### PROBLEM STATEMENT
Select all lines holding the word "world" from the entries that follow.

### DATASET EXCERPTS
....

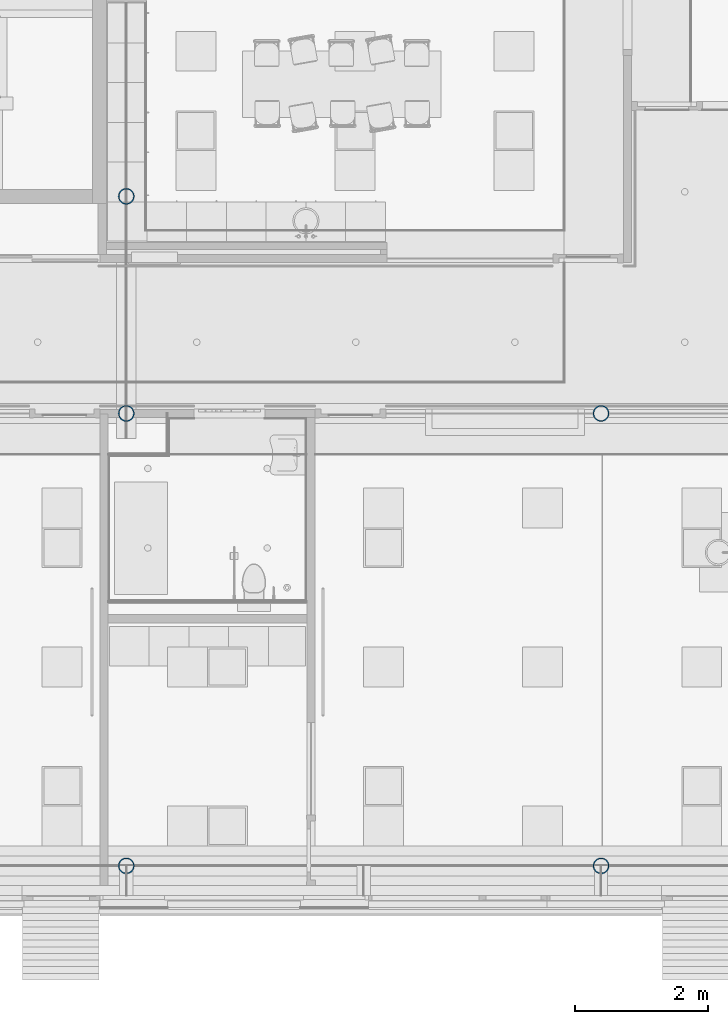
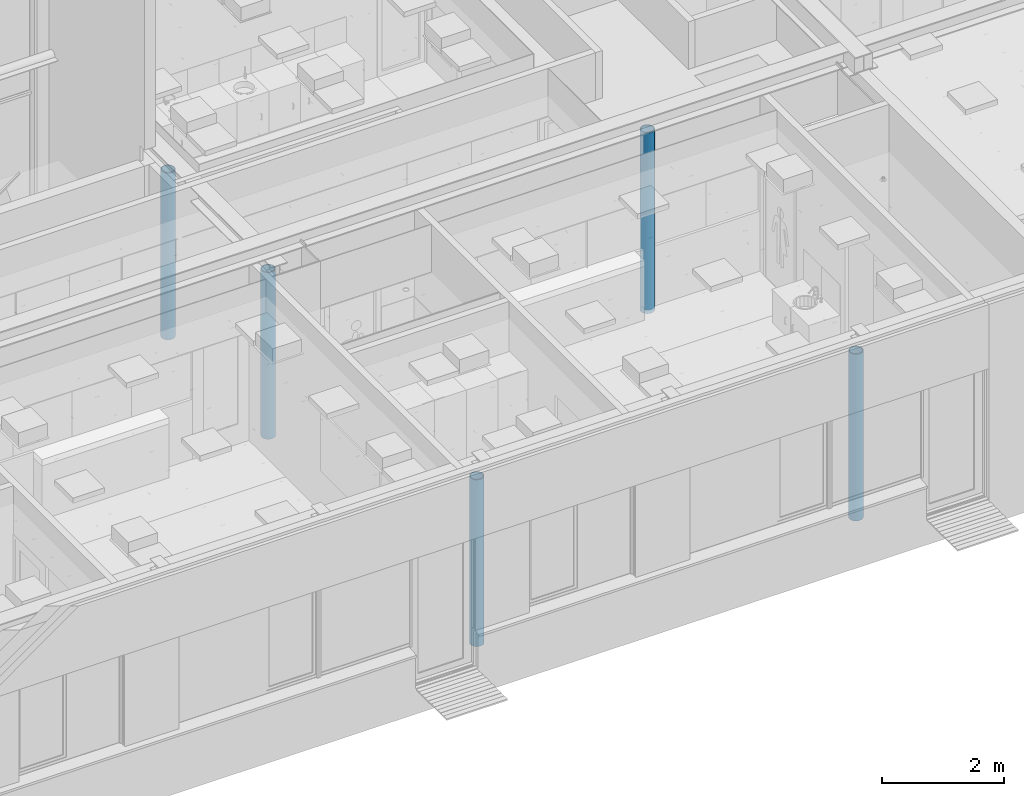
# One storey, part 13 of 347: 5 columns.
"""IFC2X3 building model written with IfcOpenShell, lengths in millimetres."""

from ifc_helpers import new_model, entity, si_unit, converted_unit, derived_unit, money_unit, direction, frame, origin_with_axes, place, context, subcontext, project, spatial, faceted_brep, material, type_object, element, save


model = new_model("IFC2X3")

# Units and contexts
model_context = context("Model", 3, precision=0.01, world=origin_with_axes(), true_north=direction((0.0, 1.0)))
plan_context = context("Plan", 3, precision=0.01, world=origin_with_axes(), true_north=direction((0.0, 1.0)))
body_context = subcontext(model_context, "Body", "Model", "MODEL_VIEW")
ifc_project = project(units=[si_unit("LENGTHUNIT", "METRE", prefix="MILLI"), si_unit("AREAUNIT", "SQUARE_METRE"), si_unit("VOLUMEUNIT", "CUBIC_METRE"), converted_unit("PLANEANGLEUNIT", "DEGREE", entity("IfcPlaneAngleMeasure", 0.0174532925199), si_unit("PLANEANGLEUNIT", "RADIAN"), dimensions=[0, 0, 0, 0, 0, 0, 0]), money_unit("EUR"), converted_unit("TIMEUNIT", "Year", entity("IfcTimeMeasure", 31556926.0), si_unit("TIMEUNIT", "SECOND"), dimensions=[0, 0, 1, 0, 0, 0, 0]), si_unit("MASSUNIT", "GRAM", prefix="KILO"), si_unit("THERMODYNAMICTEMPERATUREUNIT", "DEGREE_CELSIUS"), si_unit("LUMINOUSINTENSITYUNIT", "LUMEN"), si_unit("ENERGYUNIT", "JOULE", prefix="MEGA"), derived_unit("THERMALCONDUCTANCEUNIT", [(si_unit("POWERUNIT", "WATT"), 1), (si_unit("LENGTHUNIT", "METRE"), -1), (si_unit("THERMODYNAMICTEMPERATUREUNIT", "KELVIN"), -1)]), derived_unit("SPECIFICHEATCAPACITYUNIT", [(si_unit("ENERGYUNIT", "JOULE"), 1), (si_unit("MASSUNIT", "GRAM", prefix="KILO"), -1), (si_unit("THERMODYNAMICTEMPERATUREUNIT", "KELVIN"), -1)]), derived_unit("MASSDENSITYUNIT", [(si_unit("MASSUNIT", "GRAM", prefix="KILO"), 1), (si_unit("VOLUMEUNIT", "CUBIC_METRE"), -1)])], contexts=[model_context, plan_context])

# Site, building, storey
site_placement = place(None, origin_with_axes())
site = spatial("IfcSite", under=ifc_project, at=site_placement, Name="Site", CompositionType="ELEMENT")
building_placement = place(site_placement, origin_with_axes())
building = spatial("IfcBuilding", under=site, at=building_placement, Name="Naam gebouw", CompositionType="ELEMENT")
storey_placement = place(building_placement, origin_with_axes())
storey = spatial("IfcBuildingStorey", under=building, at=storey_placement, Name="begane grond", CompositionType="ELEMENT", Elevation=0.0)

# Columns
ifc_material = material(Name="Metaal - Staal C wit")
column_type = type_object("IfcColumnType", Name="Lucht D245", PredefinedType="COLUMN")
column_1_placement = place(storey_placement, frame((24575.0, 12125.0, -70.0), z_axis=(0.0, 0.0, 1.0), x_axis=(1.0, 0.0, 0.0)))
element("IfcColumn", 1, at=column_1_placement, inside=storey, type_object=column_type, material=ifc_material, Name="28_kolom ø 273mm", ObjectType="COLUMN", context=body_context, shape_type="Brep", body=[
    faceted_brep([(27.8124515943, 102.5, 1070.0), (27.4995235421, 102.629619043, 1070.0), (27.4995235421, 102.629619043, 0.0), (53.125, 92.0151991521, 0.0), (53.125, 92.0151991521, 3330.0), (27.4995235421, 102.629619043, 3330.0), (27.4995235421, 102.629619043, 1270.0), (27.8124515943, 102.5, 1270.0), (65.2067587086, 102.5, 1070.0), (53.0422871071, 110.143444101, 1070.0), (27.2031841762, 119.184937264, 1070.0), (0.0, 122.25, 1070.0), (-27.2031841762, 119.184937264, 1070.0), (-53.0422871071, 110.143444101, 1070.0), (-65.2067587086, 102.5, 1070.0), (-27.8124515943, 102.5, 1070.0), (-27.4995235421, 102.629619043, 1070.0), (0.0, 106.25, 1070.0), (0.0, 106.25, 0.0), (-119.184937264, -27.2031841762, 0.0), (-122.25, 0.0, 0.0), (-119.184937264, 27.2031841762, 0.0), (-110.143444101, 53.0422871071, 0.0), (-95.5788987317, 76.2216282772, 0.0), (-76.2216282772, 95.5788987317, 0.0), (-53.0422871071, 110.143444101, 0.0), (-27.2031841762, 119.184937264, 0.0), (0.0, 122.25, 0.0), (27.2031841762, 119.184937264, 0.0), (53.0422871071, 110.143444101, 0.0), (76.2216282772, 95.5788987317, 0.0), (95.5788987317, 76.2216282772, 0.0), (110.143444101, 53.0422871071, 0.0), (119.184937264, 27.2031841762, 0.0), (122.25, 0.0, 0.0), (119.184937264, -27.2031841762, 0.0), (110.143444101, -53.0422871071, 0.0), (95.5788987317, -76.2216282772, 0.0), (76.2216282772, -95.5788987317, 0.0), (53.0422871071, -110.143444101, 0.0), (27.2031841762, -119.184937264, 0.0), (0.0, -122.25, 0.0), (-27.2031841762, -119.184937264, 0.0), (-53.0422871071, -110.143444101, 0.0), (-76.2216282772, -95.5788987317, 0.0), (-95.5788987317, -76.2216282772, 0.0), (-110.143444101, -53.0422871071, 0.0), (-102.629619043, 27.4995235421, 0.0), (-106.25, 0.0, 0.0), (-102.629619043, -27.4995235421, 0.0), (-92.0151991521, -53.125, 0.0), (-75.1300955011, -75.1300955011, 0.0), (-53.125, -92.0151991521, 0.0), (-27.4995235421, -102.629619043, 0.0), (0.0, -106.25, 0.0), (27.4995235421, -102.629619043, 0.0), (53.125, -92.0151991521, 0.0), (75.1300955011, -75.1300955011, 0.0), (92.0151991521, -53.125, 0.0), (102.629619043, -27.4995235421, 0.0), (106.25, 0.0, 0.0), (102.629619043, 27.4995235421, 0.0), (92.0151991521, 53.125, 0.0), (75.1300955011, 75.1300955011, 0.0), (-27.4995235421, 102.629619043, 0.0), (-53.125, 92.0151991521, 0.0), (-75.1300955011, 75.1300955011, 0.0), (-92.0151991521, 53.125, 0.0), (75.1300955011, 75.1300955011, 3330.0), (-119.184937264, 27.2031841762, 3330.0), (-122.25, 0.0, 3330.0), (-119.184937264, -27.2031841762, 3330.0), (-110.143444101, -53.0422871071, 3330.0), (-95.5788987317, -76.2216282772, 3330.0), (-76.2216282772, -95.5788987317, 3330.0), (-53.0422871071, -110.143444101, 3330.0), (-27.2031841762, -119.184937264, 3330.0), (0.0, -122.25, 3330.0), (27.2031841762, -119.184937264, 3330.0), (53.0422871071, -110.143444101, 3330.0), (76.2216282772, -95.5788987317, 3330.0), (95.5788987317, -76.2216282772, 3330.0), (110.143444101, -53.0422871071, 3330.0), (119.184937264, -27.2031841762, 3330.0), (122.25, 0.0, 3330.0), (119.184937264, 27.2031841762, 3330.0), (110.143444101, 53.0422871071, 3330.0), (95.5788987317, 76.2216282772, 3330.0), (76.2216282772, 95.5788987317, 3330.0), (53.0422871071, 110.143444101, 3330.0), (27.2031841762, 119.184937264, 3330.0), (0.0, 122.25, 3330.0), (-27.2031841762, 119.184937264, 3330.0), (-53.0422871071, 110.143444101, 3330.0), (-76.2216282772, 95.5788987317, 3330.0), (-95.5788987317, 76.2216282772, 3330.0), (-110.143444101, 53.0422871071, 3330.0), (-102.629619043, -27.4995235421, 3330.0), (-106.25, 0.0, 3330.0), (-102.629619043, 27.4995235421, 3330.0), (-92.0151991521, 53.125, 3330.0), (-75.1300955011, 75.1300955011, 3330.0), (-53.125, 92.0151991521, 3330.0), (-27.4995235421, 102.629619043, 3330.0), (0.0, 106.25, 3330.0), (92.0151991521, 53.125, 3330.0), (102.629619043, 27.4995235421, 3330.0), (106.25, 0.0, 3330.0), (102.629619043, -27.4995235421, 3330.0), (92.0151991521, -53.125, 3330.0), (75.1300955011, -75.1300955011, 3330.0), (53.125, -92.0151991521, 3330.0), (27.4995235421, -102.629619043, 3330.0), (0.0, -106.25, 3330.0), (-27.4995235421, -102.629619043, 3330.0), (-53.125, -92.0151991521, 3330.0), (-75.1300955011, -75.1300955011, 3330.0), (-92.0151991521, -53.125, 3330.0), (0.0, 106.25, 1270.0), (53.0422871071, 110.143444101, 1270.0), (65.2067587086, 102.5, 1270.0), (-27.4995235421, 102.629619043, 1270.0), (-27.8124515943, 102.5, 1270.0), (-65.2067587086, 102.5, 1270.0), (-53.0422871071, 110.143444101, 1270.0), (-27.2031841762, 119.184937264, 1270.0), (0.0, 122.25, 1270.0), (27.2031841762, 119.184937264, 1270.0)], [[[0, 1, 2, 3, 4, 5, 6, 7]], [[8, 9, 10, 11, 12, 13, 14, 15, 16, 17, 1, 0]], [[1, 17, 18, 2]], [[19, 20, 21, 22, 23, 24, 25, 26, 27, 28, 29, 30, 31, 32, 33, 34, 35, 36, 37, 38, 39, 40, 41, 42, 43, 44, 45, 46], [47, 48, 49, 50, 51, 52, 53, 54, 55, 56, 57, 58, 59, 60, 61, 62, 63, 3, 2, 18, 64, 65, 66, 67]], [[4, 3, 63, 68]], [[69, 70, 71, 72, 73, 74, 75, 76, 77, 78, 79, 80, 81, 82, 83, 84, 85, 86, 87, 88, 89, 90, 91, 92, 93, 94, 95, 96], [97, 98, 99, 100, 101, 102, 103, 104, 5, 4, 68, 105, 106, 107, 108, 109, 110, 111, 112, 113, 114, 115, 116, 117]], [[118, 6, 5, 104]], [[119, 120, 7, 6, 118, 121, 122, 123, 124, 125, 126, 127]], [[120, 8, 0, 7]], [[9, 8, 120, 119, 89, 88, 30, 29]], [[10, 9, 29, 28]], [[11, 10, 28, 27]], [[12, 11, 27, 26]], [[13, 12, 26, 25]], [[14, 13, 25, 24, 94, 93, 124, 123]], [[122, 15, 14, 123]], [[122, 121, 103, 102, 65, 64, 16, 15]], [[17, 16, 64, 18]], [[70, 20, 19, 71]], [[69, 21, 20, 70]], [[96, 22, 21, 69]], [[95, 23, 22, 96]], [[94, 24, 23, 95]], [[87, 31, 30, 88]], [[86, 32, 31, 87]], [[85, 33, 32, 86]], [[84, 34, 33, 85]], [[83, 35, 34, 84]], [[82, 36, 35, 83]], [[81, 37, 36, 82]], [[80, 38, 37, 81]], [[79, 39, 38, 80]], [[78, 40, 39, 79]], [[77, 41, 40, 78]], [[76, 42, 41, 77]], [[75, 43, 42, 76]], [[74, 44, 43, 75]], [[73, 45, 44, 74]], [[72, 46, 45, 73]], [[71, 19, 46, 72]], [[98, 48, 47, 99]], [[97, 49, 48, 98]], [[117, 50, 49, 97]], [[116, 51, 50, 117]], [[115, 52, 51, 116]], [[114, 53, 52, 115]], [[113, 54, 53, 114]], [[112, 55, 54, 113]], [[111, 56, 55, 112]], [[110, 57, 56, 111]], [[109, 58, 57, 110]], [[108, 59, 58, 109]], [[107, 60, 59, 108]], [[106, 61, 60, 107]], [[105, 62, 61, 106]], [[68, 63, 62, 105]], [[101, 66, 65, 102]], [[100, 67, 66, 101]], [[99, 47, 67, 100]], [[119, 127, 90, 89]], [[127, 126, 91, 90]], [[126, 125, 92, 91]], [[125, 124, 93, 92]], [[121, 118, 104, 103]]]),
])
column_2_placement = place(storey_placement, frame((31737.5, 12125.0, -70.0), z_axis=(0.0, 0.0, 1.0), x_axis=(1.0, 0.0, 0.0)))
element("IfcColumn", 2, at=column_2_placement, inside=storey, type_object=column_type, material=ifc_material, Name="28_kolom ø 273mm", ObjectType="COLUMN", context=body_context, shape_type="Brep", body=[
    faceted_brep([(27.8124515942, 102.5, 1070.0), (27.4995235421, 102.629619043, 1070.0), (27.4995235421, 102.629619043, 0.0), (53.125, 92.0151991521, 0.0), (53.125, 92.0151991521, 3610.0), (27.4995235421, 102.629619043, 3610.0), (27.4995235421, 102.629619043, 1270.0), (27.8124515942, 102.5, 1270.0), (65.2067587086, 102.5, 1070.0), (53.0422871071, 110.143444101, 1070.0), (27.2031841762, 119.184937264, 1070.0), (0.0, 122.25, 1070.0), (-27.2031841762, 119.184937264, 1070.0), (-53.0422871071, 110.143444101, 1070.0), (-65.2067587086, 102.5, 1070.0), (-27.8124515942, 102.5, 1070.0), (-27.4995235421, 102.629619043, 1070.0), (0.0, 106.25, 1070.0), (0.0, 106.25, 0.0), (110.143444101, 53.0422871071, 0.0), (119.184937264, 27.2031841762, 0.0), (122.25, 0.0, 0.0), (119.184937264, -27.2031841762, 0.0), (110.143444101, -53.0422871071, 0.0), (95.5788987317, -76.2216282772, 0.0), (76.2216282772, -95.5788987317, 0.0), (53.0422871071, -110.143444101, 0.0), (27.2031841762, -119.184937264, 0.0), (0.0, -122.25, 0.0), (-27.2031841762, -119.184937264, 0.0), (-53.0422871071, -110.143444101, 0.0), (-76.2216282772, -95.5788987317, 0.0), (-95.5788987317, -76.2216282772, 0.0), (-110.143444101, -53.0422871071, 0.0), (-119.184937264, -27.2031841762, 0.0), (-122.25, 0.0, 0.0), (-119.184937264, 27.2031841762, 0.0), (-110.143444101, 53.0422871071, 0.0), (-95.5788987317, 76.2216282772, 0.0), (-76.2216282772, 95.5788987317, 0.0), (-53.0422871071, 110.143444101, 0.0), (-27.2031841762, 119.184937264, 0.0), (0.0, 122.25, 0.0), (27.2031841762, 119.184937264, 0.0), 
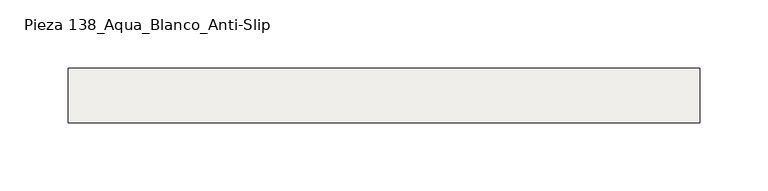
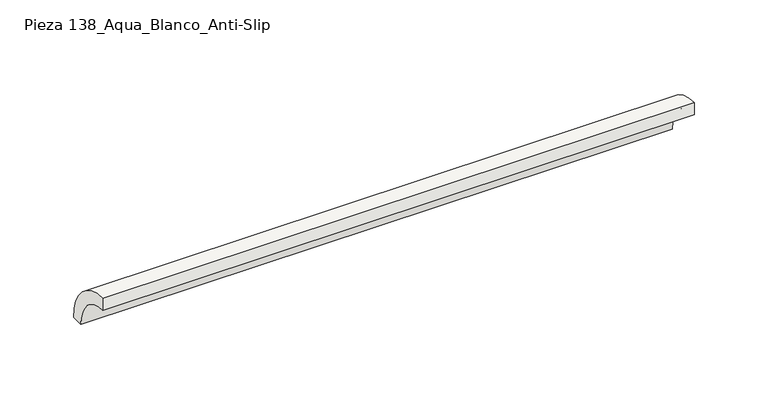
"""IFC4 building model written with IfcOpenShell, lengths in millimetres: slab geometry, ROSA GRES_138 : Pieza 138_Aqua_Blanco_Anti-Slip."""

from ifc_helpers import new_model, si_unit, point, frame, frame_2d, origin, origin_2d, place, context, project, spatial, polyline, circle_curve, trimmed, segment, composite_curve, outline, extrude, source, transform, mapped, element, save


def pieza_138_aqua_blanco_anti_slip_68b187ea(model_context):
    return source(origin(), model_context, "Body", "SweptSolid", [
        extrude(outline(composite_curve([segment(trimmed(circle_curve(origin_2d(), 40.0), [point((0.0, 40.0))], [point((40.0, 0.0))], False, "CARTESIAN"), True, "CONTINUOUS"), segment(polyline([(40.0, 0.0), (30.0265886, 0.0)]), True, "CONTINUOUS"), segment(trimmed(circle_curve(frame_2d((0.0044453, 0.0044453)), 30.0221435), [point((30.0265886, 0.0))], [point((0.0, 30.0265886))], True, "CARTESIAN"), True, "CONTINUOUS"), segment(polyline([(0.0, 30.0265886), (0.0, 40.0)]), True, "CONTINUOUS")], self_intersect=False)), frame((0.0, 0.0, 0.0), z_axis=(1.0, 0.0, 0.0), x_axis=(0.0, 1.0, 0.0)), (0.0, 0.0, 1.0), 464.1658786),
    ])


if __name__ == "__main__":
    model = new_model("IFC4")
    model_context = context("Model", 3, world=origin())
    ifc_project = project(units=[si_unit("LENGTHUNIT", "METRE", prefix="MILLI")], contexts=[model_context])
    site = spatial("IfcSite", under=ifc_project)
    building = spatial("IfcBuilding", under=site)
    placement = place(None, origin())
    pieza_138_aqua_blanco_anti_slip_shape = pieza_138_aqua_blanco_anti_slip_68b187ea(model_context)
    element("IfcSlab", 1, ObjectType="ROSA GRES_138 : Pieza 138_Aqua_Blanco_Anti-Slip", at=placement, inside=building, context=model_context, shape_type="MappedRepresentation", body=[
        mapped(pieza_138_aqua_blanco_anti_slip_shape, transform((0.0, 0.0, 0.0), x_axis=(1.0, 0.0, 0.0), y_axis=(0.0, 1.0, 0.0), z_axis=(0.0, 0.0, 1.0))),
    ])
    save(model, "model.ifc")
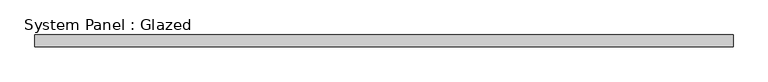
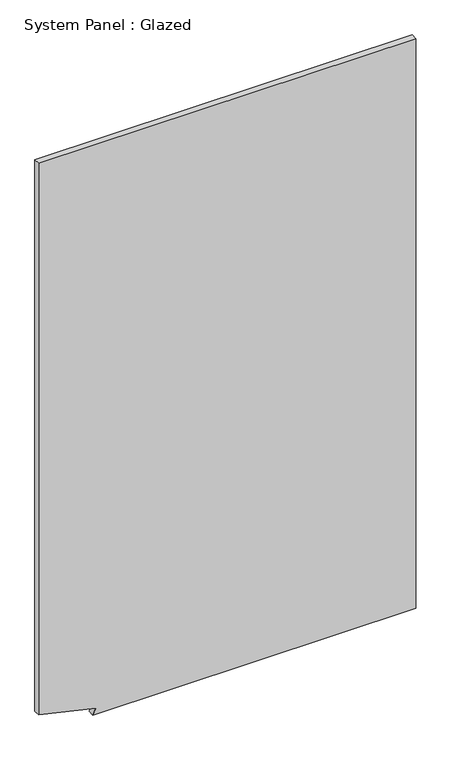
"""IFC4 building model written with IfcOpenShell, lengths in millimetres: plate geometry, System Panel : Glazed."""

from ifc_helpers import new_model, si_unit, frame, origin, place, context, project, spatial, polyline, outline, extrude, source, transform, mapped, element, save


def system_panel_glazed_2f73e7c0(model_context):
    return source(origin(), model_context, "Body", "SweptSolid", [
        extrude(outline(polyline([(0.0, -524.7167547), (0.0, 735.8695652), (2350.0, 735.8695652), (2350.0, -735.8695652), (75.967446, -735.8695652), (23.6748048, -513.2815731), (0.0, -524.7167547)])), frame((0.0, 24.5, 0.0), z_axis=(0.0, 1.0, 0.0), x_axis=(0.0, 0.0, 1.0)), (0.0, 0.0, 1.0), 25.0),
    ])


if __name__ == "__main__":
    model = new_model("IFC4")
    model_context = context("Model", 3, world=origin())
    ifc_project = project(units=[si_unit("LENGTHUNIT", "METRE", prefix="MILLI")], contexts=[model_context])
    site = spatial("IfcSite", under=ifc_project)
    building = spatial("IfcBuilding", under=site)
    placement = place(None, origin())
    system_panel_glazed_shape = system_panel_glazed_2f73e7c0(model_context)
    element("IfcPlate", 1, ObjectType="System Panel : Glazed", at=placement, inside=building, context=model_context, shape_type="MappedRepresentation", body=[
        mapped(system_panel_glazed_shape, transform((0.0, 0.0, 0.0), x_axis=(1.0, 0.0, 0.0), y_axis=(0.0, 1.0, 0.0), z_axis=(0.0, 0.0, 1.0))),
    ])
    save(model, "model.ifc")

....

### OUTPUT FOR THIS TASK
model_context = context("Model", 3, precision=0.01, world=origin_with_axes(), true_north=direction((0.0, 1.0)))
plan_context = context("Plan", 3, precision=0.01, world=origin_with_axes(), true_north=direction((0.0, 1.0)))
    model_context = context("Model", 3, world=origin())
    model_context = context("Model", 3, world=origin())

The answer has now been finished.